Gli edifici su cui è applicabile il bonus sono:

  • edifici residenziali con impianto di riscaldamento funzionante costituito da generatore di calore e terminali (es: caldaia + termosifoni);
  • seconde case;
  • parti comuni degli edifici condominiali;
  • per le ASD parti dell’edificio adibite a spogliatoi.

COME FUNZIONA IL SUPER BONUS?

A differenza degli interventi a risparmio energetico idonei alla detrazione al 50% e 65% che comprendevano diverse possibilità, il Superbonus 110% si applica solo per alcuni interventi cosiddetti trainanti e sono tre:

  1. Isolamento dell’involucro edilizio per una superficie maggiore o uguale al 25% dell’intera superficie dell’edificio;
  2. Sostituzione del generatore di calore esistente con una pompa di calore;
  3. Interventi di riduzione del rischio sismico.

Esistono però delle condizioni, o meglio dei requisiti che è necessario dimostrare per poter accedere alla detrazione fiscale del 110% e che nell’ipotesi di eseguire lavori e di accedere a tali incentivi, è importante verificare preliminarmente:

  • gli interventi da realizzare portano l’aumento di 2 classi energetiche la classe energetica di partenza dell’edificio in oggetto;
  • gli interventi permettono di raggiungere la classe energetica A4;
  • vengono rispettati i requisiti minimi già in vigore per gli ecobonus;
  • i materiali isolanti utilizzati corrispondono a determinate caratteristiche di riciclabilità.

Soddisfatto quanto sopra è possibile eventualmente aggiungere a uno o più degli interventi trainanti, anche quegli cosiddetti complementari e già noti perché rientranti nelle detrazioni al 50% e 65% come:

  • ostituzione infissi;
  • installazione pannelli solari (termici);
  • schermature solari;
  • altri tipi di impianto (es: caldaia a condensazione);
  • installazione di impianto fotovoltaico con batterie di accumulo;
  • installazione delle infrastrutture per la ricarica di veicoli elettrici.

QUALI SONO GLI IMMOBILI CHE PERMETTONO DI USUFRUIRE PIÙ FACILMENTE DEL SUPERBONUS?

Il Superbonus è volto alla riqualificazione energetica del patrimonio edilizio esistente.

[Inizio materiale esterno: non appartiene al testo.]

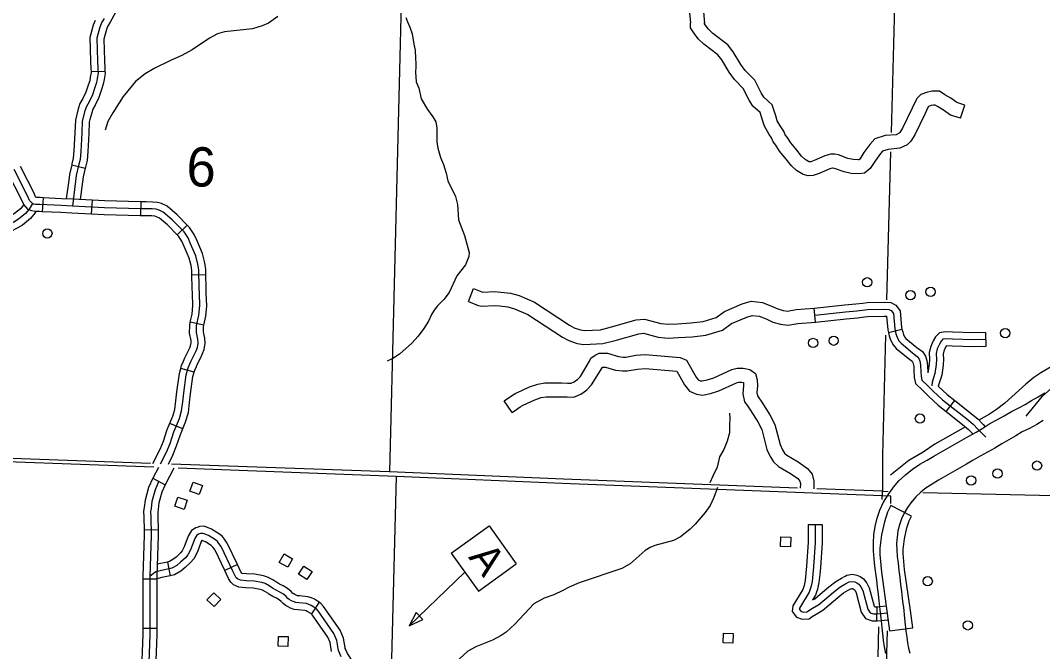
# Model space of a CAD drawing. Extents: x 653372 to 905732, y 627442 to 787275.
# Drawn here: x 845264 to 856219, y 664990 to 671755 of the extents above; entities that cross this region are included whole.
import ezdxf

# ---------------------------------------------------------------- set-up
doc = ezdxf.new("R2010")
doc.units = 0
for name, color, linetype in [('Level 10', 7, 'Continuous'), ('Level 2', 7, 'Continuous'), ('Level 32', 7, 'Continuous'), ('Level 35', 7, 'Continuous'), ('Level 45', 7, 'Continuous'), ('Level 46', 7, 'Continuous'), ('Level 5', 7, 'Continuous'), ('Level 56', 7, 'Continuous'), ('Level 57', 7, 'Continuous')]:
    doc.layers.add(name, color=color, linetype=linetype)

msp = doc.modelspace()

# ---------------------------------------------------------------- linework, layer by layer
at = {"layer": 'Level 10'}
msp.add_line((854614, 666743), (854621, 666752), dxfattribs=at)
for points in [[(854621, 666752), (854680, 666820), (854749, 666886), (854825, 666946), (854903, 666997), (854981, 667043), (855055, 667085), (855129, 667128), (855204, 667171), (855279, 667214), (855354, 667257), (855430, 667300), (855506, 667343), (855580, 667384), (855655, 667433), (855735, 667476), (855808, 667518), (855886, 667565), (855964, 667601), (856031, 667639), (856102, 667680), (856173, 667721), (856245, 667762)], [(856227, 667465), (856156, 667424), (856079, 667380), (856002, 667344), (855934, 667304), (855857, 667258), (855781, 667218), (855708, 667171), (855629, 667126), (855552, 667083), (855477, 667041), (855403, 666998), (855328, 666955), (855254, 666913), (855180, 666869), (855105, 666827), (855035, 666786), (854971, 666744), (854913, 666698), (854860, 666648), (854810, 666589)], [(854541, 664969), (854526, 665041), (854516, 665112), (854508, 665180), (854500, 665249), (854493, 665319), (854480, 665437), (854476, 665474), (854469, 665532), (854460, 665605), (854451, 665679), (854442, 665754), (854432, 665830), (854423, 665906), (854413, 665985), (854407, 666069), (854406, 666155), (854412, 666242), (854424, 666331), (854446, 666419), (854476, 666506), (854515, 666591), (854563, 666671), (854614, 666743)], [(854816, 666443), (854593, 666557), (854557, 666486), (854524, 666381), (854492, 666241), (854476, 666099), (854475, 666031), (854492, 665840), (854555, 665399), (854579, 665213), (854827, 665244)], [(854817, 666598), (854771, 666535), (854736, 666475), (854707, 666413), (854685, 666349), (854669, 666283), (854659, 666217), (854655, 666149), (854656, 666080), (854661, 666009), (854670, 665936), (854679, 665860), (854689, 665785), (854698, 665710), (854707, 665635), (854716, 665561), (854723, 665503), (854727, 665465), (854740, 665346), (854748, 665276), (854755, 665209), (854763, 665144), (854772, 665083), (854783, 665027), (854798, 664974)], [(854827, 665244), (854803, 665432), (854740, 665868), (854725, 666041), (854725, 666083), (854739, 666198), (854765, 666315), (854789, 666391), (854816, 666443)]]:
    msp.add_lwpolyline(points, dxfattribs=at)
at = {"layer": 'Level 2'}
for points in [[(846659, 667007), (844281, 667093)], [(846693, 666965), (844329, 667053)], [(853591, 666742), (851084, 666837), (849220, 666915), (846883, 666999)], [(854592, 666576), (854594, 666654), (851161, 666788), (849289, 666868), (846955, 666955)], [(854500, 666619), (854502, 666708), (853801, 666734)], [(854458, 664933), (854466, 665256)], [(854547, 664851), (854557, 665213)]]:
    msp.add_lwpolyline(points, dxfattribs=at)
at = {"layer": 'Level 32'}
for p, q in [((845506, 669854), (845498, 669705)), ((846031, 669828), (846023, 669679)), ((846555, 669811), (846550, 669662)), ((847050, 669562), (846942, 669458)), ((847251, 669028), (847101, 669025)), ((847230, 668488), (847084, 668519)), ((847126, 667984), (846982, 668024)), ((847003, 667379), (846865, 667436)), ((846683, 666849), (846815, 666779)), ((846588, 666296), (846738, 666297)), ((846577, 665769), (846727, 665768)), ((846574, 665241), (846724, 665240))]:
    msp.add_line(p, q, dxfattribs=at)
for points in [[(846764, 667003), (846829, 667126), (846868, 667219), (846908, 667344), (846967, 667488), (846990, 667569), (847003, 667667), (847014, 667763), (847040, 667955), (847062, 668033), (847080, 668074), (847093, 668107), (847130, 668177), (847148, 668214), (847161, 668248), (847168, 668297), (847166, 668337), (847149, 668411), (847152, 668480), (847177, 668595), (847186, 668698), (847181, 668826), (847178, 668891), (847175, 669080), (847166, 669142), (847144, 669231), (847088, 669361), (847060, 669426), (847017, 669488), (846891, 669618), (846794, 669701), (846749, 669721), (846718, 669731), (846676, 669734), (846610, 669735), (846550, 669737), (846164, 669746), (845820, 669764), (845700, 669770), (845471, 669781), (845425, 669782), (845404, 669785), (845391, 669791), (845362, 669824), (845342, 669869), (845195, 670157)], [(845506, 669854), (845474, 669856), (845433, 669857), (845426, 669865), (845409, 669902), (845264, 670188)], [(845498, 669705), (845468, 669706), (845418, 669708), (845385, 669713), (845347, 669728), (845299, 669783), (845274, 669837), (845130, 670120)], [(846031, 669828), (845824, 669838), (845704, 669844), (845506, 669854)], [(846555, 669811), (846552, 669811), (846167, 669821), (846031, 669828)], [(847050, 669562), (846942, 669672), (846835, 669764), (846775, 669791), (846731, 669805), (846679, 669808), (846612, 669810), (846555, 669811)], [(846023, 669679), (845816, 669689), (845697, 669695), (845498, 669705)], [(846550, 669662), (846548, 669662), (846162, 669672), (846023, 669679)], [(846942, 669458), (846840, 669563), (846754, 669637), (846723, 669651), (846704, 669657), (846673, 669659), (846608, 669660), (846550, 669662)], [(847251, 669028), (847250, 669086), (847239, 669157), (847215, 669255), (847157, 669391), (847125, 669462), (847075, 669536), (847050, 669562)], [(847101, 669025), (847101, 669074), (847093, 669128), (847073, 669207), (847020, 669331), (846994, 669389), (846959, 669441), (846942, 669458)], [(847084, 668519), (847103, 668607), (847111, 668700), (847107, 668823), (847104, 668888), (847101, 669025)], [(847230, 668488), (847251, 668584), (847261, 668696), (847256, 668830), (847253, 668893), (847251, 669028)], [(846982, 668024), (846991, 668058), (847011, 668103), (847025, 668138), (847063, 668211), (847079, 668244), (847088, 668267), (847093, 668300), (847092, 668326), (847074, 668404), (847078, 668490), (847084, 668519)], [(847126, 667984), (847132, 668008), (847149, 668046), (847161, 668075), (847196, 668143), (847216, 668184), (847233, 668228), (847243, 668294), (847240, 668348), (847224, 668418), (847226, 668470), (847230, 668488)], [(846897, 667512), (846917, 667584), (846929, 667676), (846940, 667773), (846967, 667970), (846982, 668024)], [(847036, 667458), (847038, 667463), (847064, 667554), (847077, 667658), (847088, 667754), (847113, 667940), (847126, 667984)], [(846684, 667006), (846761, 667158), (846798, 667245), (846837, 667370), (846897, 667512)], [(846850, 667000), (846896, 667094), (846938, 667194), (846978, 667318), (847036, 667458)], [(846743, 666963), (846683, 666849)], [(846909, 666957), (846815, 666779)], [(846683, 666849), (846637, 666747), (846599, 666614), (846590, 666533), (846584, 666494), (846586, 666427), (846588, 666296)], [(846745, 666811), (846707, 666722), (846673, 666600), (846664, 666523), (846659, 666490), (846661, 666429), (846663, 666235), (846652, 665794), (846649, 665170), (846628, 664579)], [(846815, 666779), (846778, 666697), (846747, 666585), (846739, 666514), (846735, 666486), (846736, 666430), (846738, 666297)], [(846588, 666296), (846588, 666236), (846577, 665796), (846577, 665769)], [(846738, 666297), (846738, 666235), (846727, 665793), (846727, 665768)], [(846577, 665769), (846574, 665241)], [(846727, 665768), (846724, 665240)], [(846574, 665241), (846574, 665172), (846558, 664715)], [(846724, 665240), (846724, 665169), (846708, 664710)]]:
    msp.add_lwpolyline(points, dxfattribs=at)
at = {"layer": 'Level 35'}
for points in [[(848023, 671797), (847921, 671725), (847854, 671696), (847752, 671664), (847452, 671633), (847377, 671610), (847290, 671563), (847103, 671439), (846992, 671378), (846879, 671329), (846696, 671238), (846602, 671181), (846497, 671100), (846366, 670939), (846255, 670765), (846202, 670670), (846170, 670580)], [(849395, 671788), (849412, 671741), (849438, 671683), (849461, 671611), (849481, 671499), (849495, 671435), (849497, 671346), (849500, 671297), (849501, 671257), (849498, 671201), (849504, 671097), (849534, 671030), (849557, 670916), (849625, 670801), (849685, 670720), (849715, 670669), (849728, 670599), (849727, 670454), (849736, 670385), (849767, 670287), (849799, 670211), (849828, 670119), (849846, 670036), (849925, 669868), (849949, 669782), (849960, 669617), (850023, 669450), (850072, 669268), (850070, 669223), (850034, 669134), (849942, 669017), (849860, 668840), (849803, 668765), (849733, 668696), (849697, 668651), (849668, 668602), (849637, 668532), (849588, 668454), (849525, 668369), (849458, 668295), (849328, 668179), (849256, 668133), (849195, 668102)], [(856937, 668343), (856760, 668286), (856523, 668154), (856371, 668077), (856201, 667976), (856127, 667929), (856041, 667858), (855816, 667651), (855726, 667584), (855650, 667535), (855537, 667471)], [(852865, 667547), (852867, 667491), (852864, 667412), (852862, 667333), (852840, 667247), (852804, 667156), (852756, 667078), (852733, 666966), (852684, 666869), (852652, 666800)], [(855392, 667400), (855065, 667213), (854938, 667129), (854787, 667037), (854591, 666880)], [(852736, 666748), (852696, 666641), (852658, 666557), (852604, 666481), (852496, 666354), (852441, 666303), (852339, 666220), (852265, 666181), (852064, 666126), (852015, 666106), (851959, 666072), (851798, 665931), (851708, 665882), (851253, 665727), (851144, 665680), (851078, 665643), (850979, 665599), (850876, 665564), (850768, 665503), (850561, 665284), (850470, 665197), (850416, 665161), (850324, 665112), (850144, 665041), (850059, 664995), (849930, 664877)]]:
    msp.add_lwpolyline(points, dxfattribs=at)
at = {"layer": 'Level 45'}
for p, q in [((846020, 671206), (846169, 671211)), ((845813, 670208), (845958, 670173)), ((853785, 668522), (853770, 668671)), ((854567, 668410), (854712, 668447)), ((855608, 668409), (855610, 668260)), ((855187, 667563), (855279, 667680)), ((853707, 666351), (853857, 666351)), ((846839, 665949), (846869, 665802)), ((847589, 665923), (847454, 665859)), ((848467, 665518), (848383, 665394)), ((854442, 665318), (854446, 665468))]:
    msp.add_line(p, q, dxfattribs=at)
for points in [[(846446, 672173), (846431, 672116), (846226, 671736), (846203, 671701), (846202, 671697)], [(846161, 671774), (846137, 671736), (846114, 671681), (846082, 671563), (846089, 671323), (846093, 671239), (846095, 671191), (846086, 671134), (846079, 671088), (846062, 671037), (846035, 670957), (845999, 670883), (845970, 670833), (845955, 670786), (845926, 670675), (845920, 670547), (845911, 670355), (845904, 670266), (845887, 670199), (845861, 670092), (845855, 670032), (845820, 669764)], [(846064, 671755), (846043, 671705), (846007, 671572), (846014, 671320), (846019, 671236), (846020, 671206)], [(846202, 671697), (846185, 671657), (846157, 671554), (846163, 671326), (846168, 671243), (846169, 671211)], [(846020, 671206), (846020, 671196), (846012, 671146), (846006, 671106), (845991, 671060), (845966, 670985), (845933, 670918), (845901, 670863), (845884, 670807), (845864, 670731)], [(846169, 671211), (846170, 671187), (846160, 671123), (846152, 671071), (846133, 671013), (846104, 670928), (846065, 670847), (846039, 670803), (846027, 670765), (846008, 670693)], [(845864, 670731), (845852, 670687), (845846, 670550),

Nell’ottica di un investimento immobiliare o semplicemente riguardando alle caratteristiche dell’immobile di proprietà, le abitazioni ideali sono quelle costruite tra il 1960 e il 1980.

Questi immobili hanno generalmente ampie metrature, spesso sono case singole con giardino, sono dotate di un impianto di riscaldamento ben identificabile e necessitano per prima cosa proprio di quegli interventi trainanti che danno accesso al Sperbonus. Partono inoltre da una classe energetica bassa (spesso la “G”) che sicuramente migliorerà di almeno due classi a seguito degli interventi.